Search code examples
pythonpython-3.xpandasplotcorrelation

How to make a correlation plot with a certain lag of two time series


I am trying to plot the autocorrelation between two Time Series in search for a needed lag. Python statsmodels.graphics.tsaplots library offers a plot_acf for investigation of the lagged impact of Time Series on itself.

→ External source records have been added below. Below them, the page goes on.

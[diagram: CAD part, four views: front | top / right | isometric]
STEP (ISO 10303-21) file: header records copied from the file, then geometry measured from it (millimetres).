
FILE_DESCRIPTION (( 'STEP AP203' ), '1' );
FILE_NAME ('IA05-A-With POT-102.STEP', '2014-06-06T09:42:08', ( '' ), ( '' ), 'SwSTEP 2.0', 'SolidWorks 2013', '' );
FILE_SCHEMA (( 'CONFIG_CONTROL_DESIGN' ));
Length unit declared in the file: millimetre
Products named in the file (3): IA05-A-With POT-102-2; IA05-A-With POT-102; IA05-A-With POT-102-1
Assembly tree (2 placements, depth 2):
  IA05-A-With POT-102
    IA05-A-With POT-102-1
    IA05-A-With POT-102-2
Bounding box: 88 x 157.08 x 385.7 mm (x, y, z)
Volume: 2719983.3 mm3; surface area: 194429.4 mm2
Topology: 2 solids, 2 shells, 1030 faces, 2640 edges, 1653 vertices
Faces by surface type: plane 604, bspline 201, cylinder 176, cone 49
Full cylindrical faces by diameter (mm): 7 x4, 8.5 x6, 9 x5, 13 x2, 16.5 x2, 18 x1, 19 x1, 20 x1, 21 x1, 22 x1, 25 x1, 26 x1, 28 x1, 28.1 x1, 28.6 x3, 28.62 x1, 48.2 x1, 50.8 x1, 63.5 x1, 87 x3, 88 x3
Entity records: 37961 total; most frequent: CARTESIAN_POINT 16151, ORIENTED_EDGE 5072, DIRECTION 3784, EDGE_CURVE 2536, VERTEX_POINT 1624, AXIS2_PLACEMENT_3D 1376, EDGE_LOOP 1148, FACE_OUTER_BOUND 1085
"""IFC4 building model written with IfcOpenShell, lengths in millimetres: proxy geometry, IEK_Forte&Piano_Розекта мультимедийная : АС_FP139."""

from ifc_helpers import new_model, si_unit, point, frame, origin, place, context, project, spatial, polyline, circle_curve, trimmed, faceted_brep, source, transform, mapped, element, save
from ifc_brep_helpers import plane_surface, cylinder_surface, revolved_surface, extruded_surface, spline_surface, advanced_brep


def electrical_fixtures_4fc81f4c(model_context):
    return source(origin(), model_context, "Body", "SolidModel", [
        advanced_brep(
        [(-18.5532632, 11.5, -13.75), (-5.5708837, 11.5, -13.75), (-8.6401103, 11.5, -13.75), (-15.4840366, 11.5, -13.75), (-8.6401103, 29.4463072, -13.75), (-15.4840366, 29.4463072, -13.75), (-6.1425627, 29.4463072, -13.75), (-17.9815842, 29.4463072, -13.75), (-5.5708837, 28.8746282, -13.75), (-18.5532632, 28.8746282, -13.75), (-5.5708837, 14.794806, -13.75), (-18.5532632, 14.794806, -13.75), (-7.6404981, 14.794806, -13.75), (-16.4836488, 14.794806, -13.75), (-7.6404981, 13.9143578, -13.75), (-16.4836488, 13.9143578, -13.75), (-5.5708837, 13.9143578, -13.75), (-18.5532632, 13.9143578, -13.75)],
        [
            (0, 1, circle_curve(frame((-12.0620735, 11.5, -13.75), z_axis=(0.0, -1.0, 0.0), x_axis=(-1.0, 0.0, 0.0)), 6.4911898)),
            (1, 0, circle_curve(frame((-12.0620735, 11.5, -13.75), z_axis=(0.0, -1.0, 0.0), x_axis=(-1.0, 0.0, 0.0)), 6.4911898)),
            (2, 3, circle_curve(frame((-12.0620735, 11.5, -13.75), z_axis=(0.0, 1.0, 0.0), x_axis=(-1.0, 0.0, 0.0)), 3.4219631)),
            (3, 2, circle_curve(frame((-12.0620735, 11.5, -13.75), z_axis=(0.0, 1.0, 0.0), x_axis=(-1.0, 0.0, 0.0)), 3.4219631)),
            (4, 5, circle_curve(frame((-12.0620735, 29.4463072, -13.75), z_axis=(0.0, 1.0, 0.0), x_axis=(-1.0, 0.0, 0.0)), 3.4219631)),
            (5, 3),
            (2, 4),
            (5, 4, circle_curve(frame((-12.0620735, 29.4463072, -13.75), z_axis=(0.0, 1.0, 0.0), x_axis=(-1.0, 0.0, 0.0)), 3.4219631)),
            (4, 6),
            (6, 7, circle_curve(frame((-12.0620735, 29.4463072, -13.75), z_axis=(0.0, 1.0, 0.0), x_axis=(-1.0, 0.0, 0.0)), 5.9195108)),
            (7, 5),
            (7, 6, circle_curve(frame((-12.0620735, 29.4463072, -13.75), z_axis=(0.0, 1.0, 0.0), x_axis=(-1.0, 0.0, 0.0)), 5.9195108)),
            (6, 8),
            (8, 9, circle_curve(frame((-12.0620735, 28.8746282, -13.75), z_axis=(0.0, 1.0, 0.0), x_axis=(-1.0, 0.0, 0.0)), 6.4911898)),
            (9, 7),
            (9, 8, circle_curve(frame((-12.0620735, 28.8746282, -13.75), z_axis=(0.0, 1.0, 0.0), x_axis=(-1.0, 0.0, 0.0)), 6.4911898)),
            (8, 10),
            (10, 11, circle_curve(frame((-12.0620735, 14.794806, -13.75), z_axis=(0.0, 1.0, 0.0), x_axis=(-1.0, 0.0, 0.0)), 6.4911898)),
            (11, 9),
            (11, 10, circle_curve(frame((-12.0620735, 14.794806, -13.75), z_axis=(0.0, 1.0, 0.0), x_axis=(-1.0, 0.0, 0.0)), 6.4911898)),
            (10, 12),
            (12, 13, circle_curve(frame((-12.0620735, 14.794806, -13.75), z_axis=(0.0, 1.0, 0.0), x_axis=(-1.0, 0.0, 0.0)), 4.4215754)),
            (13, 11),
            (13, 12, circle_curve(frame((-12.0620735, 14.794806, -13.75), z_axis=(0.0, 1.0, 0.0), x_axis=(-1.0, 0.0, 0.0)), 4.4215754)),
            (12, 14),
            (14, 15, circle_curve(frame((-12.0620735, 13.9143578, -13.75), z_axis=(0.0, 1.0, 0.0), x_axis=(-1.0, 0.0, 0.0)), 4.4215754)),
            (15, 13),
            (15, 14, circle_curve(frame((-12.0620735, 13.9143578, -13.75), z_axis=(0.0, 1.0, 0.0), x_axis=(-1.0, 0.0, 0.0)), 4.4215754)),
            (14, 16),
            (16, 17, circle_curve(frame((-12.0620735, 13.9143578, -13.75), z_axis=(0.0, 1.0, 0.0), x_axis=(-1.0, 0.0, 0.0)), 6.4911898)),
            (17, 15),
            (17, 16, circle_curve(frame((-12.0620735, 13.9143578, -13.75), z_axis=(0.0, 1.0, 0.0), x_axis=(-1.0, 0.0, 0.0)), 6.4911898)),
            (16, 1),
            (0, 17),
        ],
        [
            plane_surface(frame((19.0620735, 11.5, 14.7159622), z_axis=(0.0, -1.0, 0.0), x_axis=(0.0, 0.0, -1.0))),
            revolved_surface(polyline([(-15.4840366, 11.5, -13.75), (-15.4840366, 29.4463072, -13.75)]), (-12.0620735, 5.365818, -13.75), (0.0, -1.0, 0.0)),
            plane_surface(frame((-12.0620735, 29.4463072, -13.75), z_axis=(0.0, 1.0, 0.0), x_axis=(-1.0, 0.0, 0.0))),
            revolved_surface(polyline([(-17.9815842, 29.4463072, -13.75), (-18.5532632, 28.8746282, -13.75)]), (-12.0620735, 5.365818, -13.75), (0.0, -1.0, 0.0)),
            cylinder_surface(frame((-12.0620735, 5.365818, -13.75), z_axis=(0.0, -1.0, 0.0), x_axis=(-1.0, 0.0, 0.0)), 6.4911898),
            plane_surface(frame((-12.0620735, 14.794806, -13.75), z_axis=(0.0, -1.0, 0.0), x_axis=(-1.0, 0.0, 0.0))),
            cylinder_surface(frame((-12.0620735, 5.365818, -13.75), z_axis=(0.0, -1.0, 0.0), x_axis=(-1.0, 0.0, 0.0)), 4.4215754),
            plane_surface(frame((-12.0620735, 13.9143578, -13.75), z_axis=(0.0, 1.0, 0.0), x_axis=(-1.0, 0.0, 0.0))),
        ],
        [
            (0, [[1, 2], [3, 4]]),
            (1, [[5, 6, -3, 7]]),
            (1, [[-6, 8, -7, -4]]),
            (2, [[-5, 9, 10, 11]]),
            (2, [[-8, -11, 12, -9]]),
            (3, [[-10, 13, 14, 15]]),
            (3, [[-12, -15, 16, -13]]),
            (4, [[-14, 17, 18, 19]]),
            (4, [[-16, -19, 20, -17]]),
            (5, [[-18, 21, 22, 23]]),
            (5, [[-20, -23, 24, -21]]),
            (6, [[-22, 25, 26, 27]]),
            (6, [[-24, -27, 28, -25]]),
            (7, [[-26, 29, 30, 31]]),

How could I plot this lagged correlation to explore one Time Series impacting another Time Series to understand which lag I should choose?


Solution

  • https://stackoverflow.com/users/7094244/michael-grogan thank you for the explanation of "autocorrelation" and "crosscorrelation". I would rather suggest converting your plot image in more "statistical". For example like this one I made:

    plt.xcorr(TS1, TS2, usevlines=True, maxlags=20, normed=True, lw=2)
    plt.grid(True)
    plt.axhline(0.2, color='blue', linestyle='dashed', lw=2)
    plt.ylim([0, 0.3])
    plt.title("Cross-correlation")
    

    Cross-correlation plot image

    As you could find from the plot, I have a very special case with almost no correlation. Ideally, you should rewrite

    plt.set_ylim([0, 0.3])
    

    as

    plt.set_ylim([0, 1]) 
    

    to see a all correlation bounds. And, normaly, correlation of >=0.2 is considered to be statistically significant.